§ **The records**

--------------------

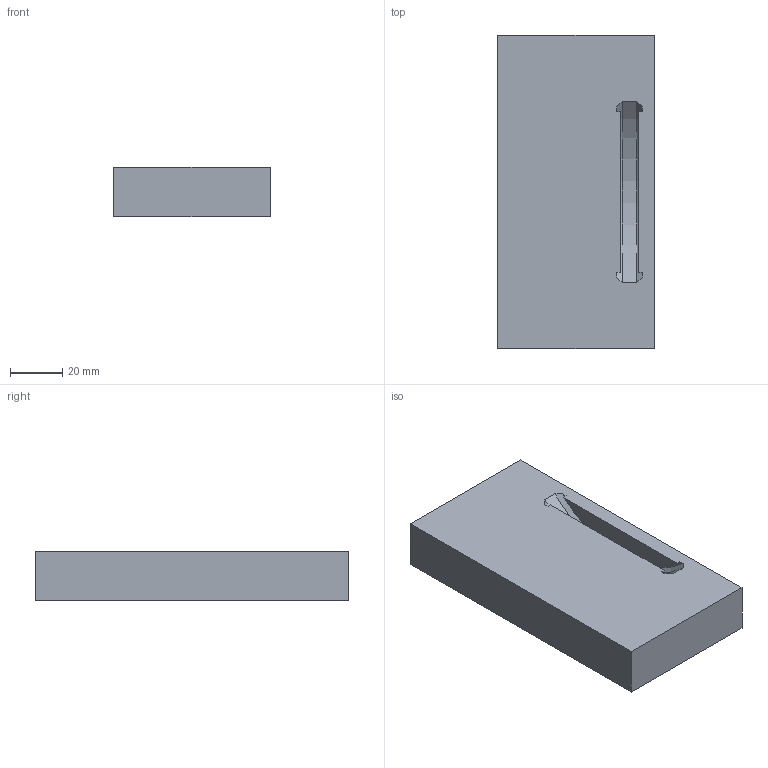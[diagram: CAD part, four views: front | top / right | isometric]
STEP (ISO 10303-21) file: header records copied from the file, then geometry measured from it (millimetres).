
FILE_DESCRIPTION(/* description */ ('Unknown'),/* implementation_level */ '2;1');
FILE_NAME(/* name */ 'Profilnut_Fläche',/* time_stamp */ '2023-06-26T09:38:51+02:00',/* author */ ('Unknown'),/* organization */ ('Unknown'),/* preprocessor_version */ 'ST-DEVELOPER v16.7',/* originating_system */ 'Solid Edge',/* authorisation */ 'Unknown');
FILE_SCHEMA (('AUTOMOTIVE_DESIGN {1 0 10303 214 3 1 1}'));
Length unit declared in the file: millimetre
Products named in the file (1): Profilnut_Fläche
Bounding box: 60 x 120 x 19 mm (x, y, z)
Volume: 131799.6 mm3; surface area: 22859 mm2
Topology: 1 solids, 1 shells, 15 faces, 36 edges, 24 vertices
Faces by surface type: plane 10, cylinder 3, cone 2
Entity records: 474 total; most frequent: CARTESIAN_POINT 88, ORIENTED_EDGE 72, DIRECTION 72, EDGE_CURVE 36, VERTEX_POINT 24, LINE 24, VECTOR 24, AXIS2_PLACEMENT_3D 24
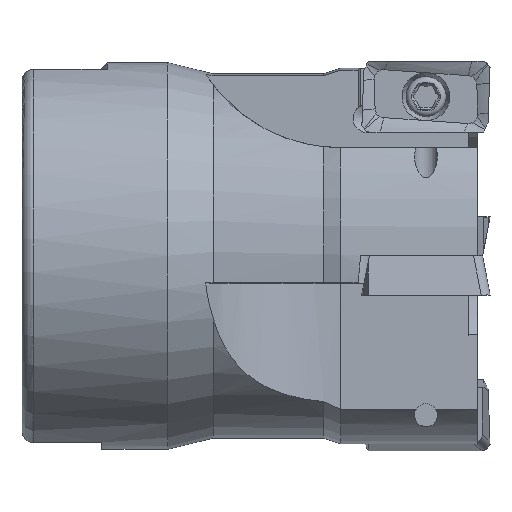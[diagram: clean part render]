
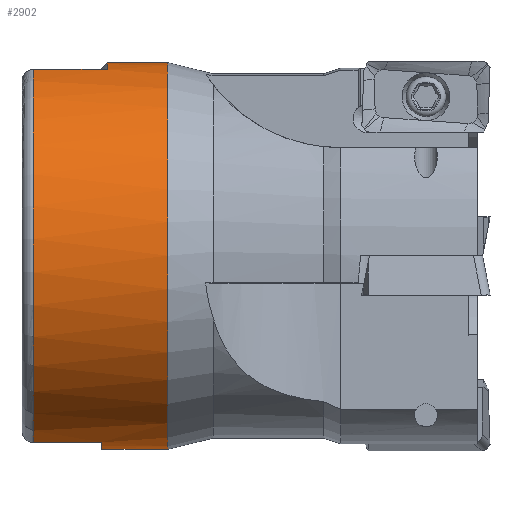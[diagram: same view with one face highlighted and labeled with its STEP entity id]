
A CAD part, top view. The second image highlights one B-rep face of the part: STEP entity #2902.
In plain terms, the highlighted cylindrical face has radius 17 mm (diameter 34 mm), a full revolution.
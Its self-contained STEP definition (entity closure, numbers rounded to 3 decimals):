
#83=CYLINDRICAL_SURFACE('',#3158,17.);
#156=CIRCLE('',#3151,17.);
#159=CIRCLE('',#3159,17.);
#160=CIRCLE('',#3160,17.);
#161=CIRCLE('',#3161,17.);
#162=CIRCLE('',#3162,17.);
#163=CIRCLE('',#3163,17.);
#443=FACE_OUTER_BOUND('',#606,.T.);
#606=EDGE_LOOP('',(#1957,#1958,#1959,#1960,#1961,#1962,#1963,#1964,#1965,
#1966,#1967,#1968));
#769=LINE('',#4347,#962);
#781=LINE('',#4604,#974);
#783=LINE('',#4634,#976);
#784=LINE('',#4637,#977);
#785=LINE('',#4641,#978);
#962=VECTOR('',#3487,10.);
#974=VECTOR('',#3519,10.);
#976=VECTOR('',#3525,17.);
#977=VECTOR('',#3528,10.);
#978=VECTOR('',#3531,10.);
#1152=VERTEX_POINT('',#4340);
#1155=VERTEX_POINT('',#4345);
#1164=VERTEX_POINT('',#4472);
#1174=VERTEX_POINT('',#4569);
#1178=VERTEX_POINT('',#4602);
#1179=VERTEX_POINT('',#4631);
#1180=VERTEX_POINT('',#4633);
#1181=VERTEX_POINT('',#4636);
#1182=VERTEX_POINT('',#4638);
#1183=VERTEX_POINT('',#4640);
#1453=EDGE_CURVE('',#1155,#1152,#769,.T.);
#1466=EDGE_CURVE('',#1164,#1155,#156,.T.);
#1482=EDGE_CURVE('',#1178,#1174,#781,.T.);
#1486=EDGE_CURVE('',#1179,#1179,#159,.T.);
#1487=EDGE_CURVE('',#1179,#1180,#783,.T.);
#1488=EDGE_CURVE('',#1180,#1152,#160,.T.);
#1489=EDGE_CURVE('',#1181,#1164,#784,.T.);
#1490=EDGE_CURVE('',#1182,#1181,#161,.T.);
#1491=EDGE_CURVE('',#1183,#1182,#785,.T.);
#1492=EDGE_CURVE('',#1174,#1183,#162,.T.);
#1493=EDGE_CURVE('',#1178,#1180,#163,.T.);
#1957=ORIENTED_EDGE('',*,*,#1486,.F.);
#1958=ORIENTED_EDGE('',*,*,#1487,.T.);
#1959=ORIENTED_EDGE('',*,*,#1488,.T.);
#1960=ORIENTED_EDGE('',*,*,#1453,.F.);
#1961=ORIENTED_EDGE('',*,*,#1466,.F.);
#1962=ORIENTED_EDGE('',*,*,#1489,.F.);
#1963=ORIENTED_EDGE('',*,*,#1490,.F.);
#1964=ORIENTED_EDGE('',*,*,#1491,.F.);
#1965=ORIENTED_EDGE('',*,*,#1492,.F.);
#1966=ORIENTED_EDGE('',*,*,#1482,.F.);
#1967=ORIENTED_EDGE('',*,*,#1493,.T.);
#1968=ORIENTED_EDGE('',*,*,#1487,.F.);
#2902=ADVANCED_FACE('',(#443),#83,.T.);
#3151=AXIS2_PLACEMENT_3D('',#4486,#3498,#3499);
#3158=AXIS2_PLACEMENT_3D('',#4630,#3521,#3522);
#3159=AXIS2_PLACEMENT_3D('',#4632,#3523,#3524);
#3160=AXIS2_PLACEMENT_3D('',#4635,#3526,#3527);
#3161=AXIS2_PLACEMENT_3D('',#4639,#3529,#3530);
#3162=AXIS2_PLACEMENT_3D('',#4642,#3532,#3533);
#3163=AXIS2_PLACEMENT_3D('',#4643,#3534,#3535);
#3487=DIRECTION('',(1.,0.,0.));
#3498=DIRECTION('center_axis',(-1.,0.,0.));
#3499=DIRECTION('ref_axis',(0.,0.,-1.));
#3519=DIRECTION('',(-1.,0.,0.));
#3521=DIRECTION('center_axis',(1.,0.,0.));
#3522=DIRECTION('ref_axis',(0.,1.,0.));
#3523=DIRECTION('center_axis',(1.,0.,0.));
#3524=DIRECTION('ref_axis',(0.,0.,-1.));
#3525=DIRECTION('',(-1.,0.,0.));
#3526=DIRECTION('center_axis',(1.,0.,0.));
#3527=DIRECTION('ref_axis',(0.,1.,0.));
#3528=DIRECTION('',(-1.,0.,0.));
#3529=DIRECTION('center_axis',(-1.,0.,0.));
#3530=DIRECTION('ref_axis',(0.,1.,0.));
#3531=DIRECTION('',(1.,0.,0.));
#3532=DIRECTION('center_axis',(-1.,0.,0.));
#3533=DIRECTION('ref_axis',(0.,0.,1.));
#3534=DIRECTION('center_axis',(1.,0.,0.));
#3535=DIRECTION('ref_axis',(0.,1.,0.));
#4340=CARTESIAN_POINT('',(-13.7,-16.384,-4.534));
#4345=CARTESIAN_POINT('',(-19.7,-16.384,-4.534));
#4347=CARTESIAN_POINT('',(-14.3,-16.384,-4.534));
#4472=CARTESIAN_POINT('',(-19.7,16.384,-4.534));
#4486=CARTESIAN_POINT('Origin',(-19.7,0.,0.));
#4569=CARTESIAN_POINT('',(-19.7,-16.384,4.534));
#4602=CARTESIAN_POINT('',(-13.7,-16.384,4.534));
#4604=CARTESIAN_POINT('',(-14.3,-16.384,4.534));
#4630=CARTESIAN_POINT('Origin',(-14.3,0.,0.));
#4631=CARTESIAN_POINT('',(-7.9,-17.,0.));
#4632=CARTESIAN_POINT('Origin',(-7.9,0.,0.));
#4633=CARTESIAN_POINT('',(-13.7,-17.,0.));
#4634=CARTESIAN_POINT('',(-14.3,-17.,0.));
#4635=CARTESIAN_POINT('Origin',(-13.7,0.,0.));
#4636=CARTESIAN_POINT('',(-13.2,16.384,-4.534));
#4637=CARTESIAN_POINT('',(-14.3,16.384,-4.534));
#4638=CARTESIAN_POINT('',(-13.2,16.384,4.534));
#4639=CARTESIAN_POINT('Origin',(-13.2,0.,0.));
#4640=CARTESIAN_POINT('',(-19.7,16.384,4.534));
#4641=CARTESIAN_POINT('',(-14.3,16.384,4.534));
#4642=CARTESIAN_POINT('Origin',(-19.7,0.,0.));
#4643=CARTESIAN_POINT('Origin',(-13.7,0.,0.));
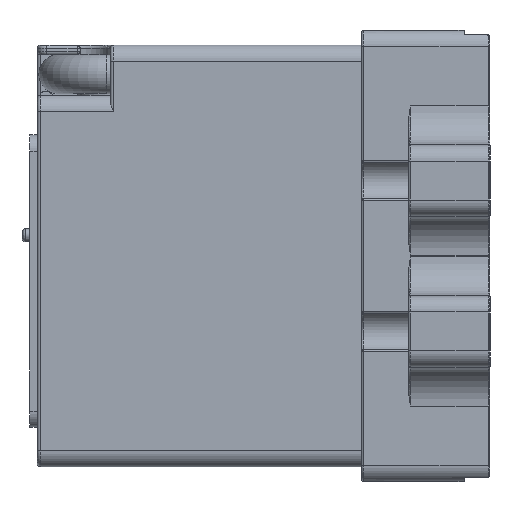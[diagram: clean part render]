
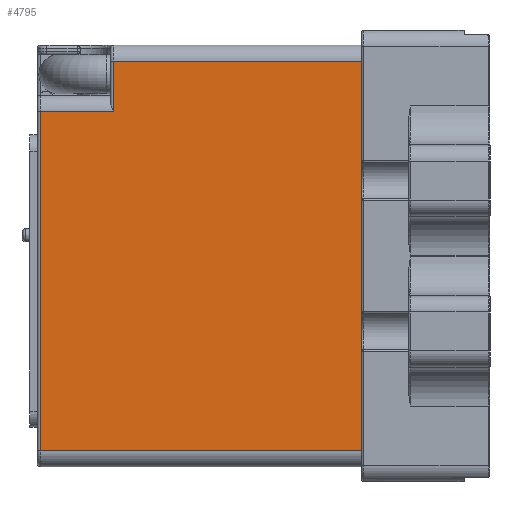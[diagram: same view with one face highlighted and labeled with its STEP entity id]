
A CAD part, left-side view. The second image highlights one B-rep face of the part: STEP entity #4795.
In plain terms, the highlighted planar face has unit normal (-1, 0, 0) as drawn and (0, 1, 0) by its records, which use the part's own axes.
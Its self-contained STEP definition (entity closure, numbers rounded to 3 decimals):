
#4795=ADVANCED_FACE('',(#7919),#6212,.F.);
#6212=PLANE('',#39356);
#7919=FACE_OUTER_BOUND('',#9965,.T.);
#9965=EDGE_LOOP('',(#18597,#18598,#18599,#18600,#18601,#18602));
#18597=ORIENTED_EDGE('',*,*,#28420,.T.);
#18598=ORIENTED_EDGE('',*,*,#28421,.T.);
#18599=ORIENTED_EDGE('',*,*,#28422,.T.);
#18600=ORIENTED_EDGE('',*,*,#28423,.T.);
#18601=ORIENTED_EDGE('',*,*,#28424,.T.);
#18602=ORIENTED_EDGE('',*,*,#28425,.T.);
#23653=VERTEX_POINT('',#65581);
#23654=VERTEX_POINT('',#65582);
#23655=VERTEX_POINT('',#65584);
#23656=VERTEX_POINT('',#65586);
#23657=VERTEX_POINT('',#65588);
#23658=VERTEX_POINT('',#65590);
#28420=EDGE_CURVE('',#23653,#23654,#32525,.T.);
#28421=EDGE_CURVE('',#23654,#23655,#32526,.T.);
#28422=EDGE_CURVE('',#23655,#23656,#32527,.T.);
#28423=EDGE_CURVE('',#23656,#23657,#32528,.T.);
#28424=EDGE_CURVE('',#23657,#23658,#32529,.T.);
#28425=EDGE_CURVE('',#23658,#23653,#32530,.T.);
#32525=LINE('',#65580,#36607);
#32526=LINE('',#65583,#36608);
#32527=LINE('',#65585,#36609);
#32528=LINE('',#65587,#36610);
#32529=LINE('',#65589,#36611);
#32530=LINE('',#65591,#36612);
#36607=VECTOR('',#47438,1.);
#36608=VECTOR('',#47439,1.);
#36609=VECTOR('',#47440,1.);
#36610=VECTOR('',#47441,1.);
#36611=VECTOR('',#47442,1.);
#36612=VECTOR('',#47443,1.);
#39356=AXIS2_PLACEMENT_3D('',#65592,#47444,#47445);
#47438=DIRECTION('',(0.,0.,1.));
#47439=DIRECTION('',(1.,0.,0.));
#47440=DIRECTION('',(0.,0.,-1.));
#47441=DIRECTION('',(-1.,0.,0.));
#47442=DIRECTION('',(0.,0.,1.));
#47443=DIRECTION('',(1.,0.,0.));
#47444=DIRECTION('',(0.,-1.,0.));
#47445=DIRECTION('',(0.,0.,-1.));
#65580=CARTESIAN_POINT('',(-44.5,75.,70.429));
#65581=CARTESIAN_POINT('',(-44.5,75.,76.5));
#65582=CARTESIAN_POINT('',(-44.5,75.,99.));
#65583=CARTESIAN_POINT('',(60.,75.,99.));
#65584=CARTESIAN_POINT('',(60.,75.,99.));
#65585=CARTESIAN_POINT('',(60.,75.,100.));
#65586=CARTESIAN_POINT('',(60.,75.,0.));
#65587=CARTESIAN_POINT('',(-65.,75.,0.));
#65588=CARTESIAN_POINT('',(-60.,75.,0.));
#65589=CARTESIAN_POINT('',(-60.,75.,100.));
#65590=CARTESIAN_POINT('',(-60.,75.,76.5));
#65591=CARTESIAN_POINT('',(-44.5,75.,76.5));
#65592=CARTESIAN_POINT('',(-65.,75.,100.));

--------------------

§ **Exercise brief**
Using the material above, transcribe exactly the lines from the line with "#974=VECTOR('',#3519,10.);" to the line with "#3530=DIRECTION('ref_axis',(0.,1.,0.));"; both count, and nothing else goes in.

§ **Solved exercise**
#974=VECTOR('',#3519,10.);
#976=VECTOR('',#3525,17.);
#977=VECTOR('',#3528,10.);
#978=VECTOR('',#3531,10.);
#1152=VERTEX_POINT('',#4340);
#1155=VERTEX_POINT('',#4345);
#1164=VERTEX_POINT('',#4472);
#1174=VERTEX_POINT('',#4569);
#1178=VERTEX_POINT('',#4602);
#1179=VERTEX_POINT('',#4631);
#1180=VERTEX_POINT('',#4633);
#1181=VERTEX_POINT('',#4636);
#1182=VERTEX_POINT('',#4638);
#1183=VERTEX_POINT('',#4640);
#1453=EDGE_CURVE('',#1155,#1152,#769,.T.);
#1466=EDGE_CURVE('',#1164,#1155,#156,.T.);
#1482=EDGE_CURVE('',#1178,#1174,#781,.T.);
#1486=EDGE_CURVE('',#1179,#1179,#159,.T.);
#1487=EDGE_CURVE('',#1179,#1180,#783,.T.);
#1488=EDGE_CURVE('',#1180,#1152,#160,.T.);
#1489=EDGE_CURVE('',#1181,#1164,#784,.T.);
#1490=EDGE_CURVE('',#1182,#1181,#161,.T.);
#1491=EDGE_CURVE('',#1183,#1182,#785,.T.);
#1492=EDGE_CURVE('',#1174,#1183,#162,.T.);
#1493=EDGE_CURVE('',#1178,#1180,#163,.T.);
#1957=ORIENTED_EDGE('',*,*,#1486,.F.);
#1958=ORIENTED_EDGE('',*,*,#1487,.T.);
#1959=ORIENTED_EDGE('',*,*,#1488,.T.);
#1960=ORIENTED_EDGE('',*,*,#1453,.F.);
#1961=ORIENTED_EDGE('',*,*,#1466,.F.);
#1962=ORIENTED_EDGE('',*,*,#1489,.F.);
#1963=ORIENTED_EDGE('',*,*,#1490,.F.);
#1964=ORIENTED_EDGE('',*,*,#1491,.F.);
#1965=ORIENTED_EDGE('',*,*,#1492,.F.);
#1966=ORIENTED_EDGE('',*,*,#1482,.F.);
#1967=ORIENTED_EDGE('',*,*,#1493,.T.);
#1968=ORIENTED_EDGE('',*,*,#1487,.F.);
#2902=ADVANCED_FACE('',(#443),#83,.T.);
#3151=AXIS2_PLACEMENT_3D('',#4486,#3498,#3499);
#3158=AXIS2_PLACEMENT_3D('',#4630,#3521,#3522);
#3159=AXIS2_PLACEMENT_3D('',#4632,#3523,#3524);
#3160=AXIS2_PLACEMENT_3D('',#4635,#3526,#3527);
#3161=AXIS2_PLACEMENT_3D('',#4639,#3529,#3530);
#3162=AXIS2_PLACEMENT_3D('',#4642,#3532,#3533);
#3163=AXIS2_PLACEMENT_3D('',#4643,#3534,#3535);
#3487=DIRECTION('',(1.,0.,0.));
#3498=DIRECTION('center_axis',(-1.,0.,0.));
#3499=DIRECTION('ref_axis',(0.,0.,-1.));
#3519=DIRECTION('',(-1.,0.,0.));
#3521=DIRECTION('center_axis',(1.,0.,0.));
#3522=DIRECTION('ref_axis',(0.,1.,0.));
#3523=DIRECTION('center_axis',(1.,0.,0.));
#3524=DIRECTION('ref_axis',(0.,0.,-1.));
#3525=DIRECTION('',(-1.,0.,0.));
#3526=DIRECTION('center_axis',(1.,0.,0.));
#3527=DIRECTION('ref_axis',(0.,1.,0.));
#3528=DIRECTION('',(-1.,0.,0.));
#3529=DIRECTION('center_axis',(-1.,0.,0.));
#3530=DIRECTION('ref_axis',(0.,1.,0.));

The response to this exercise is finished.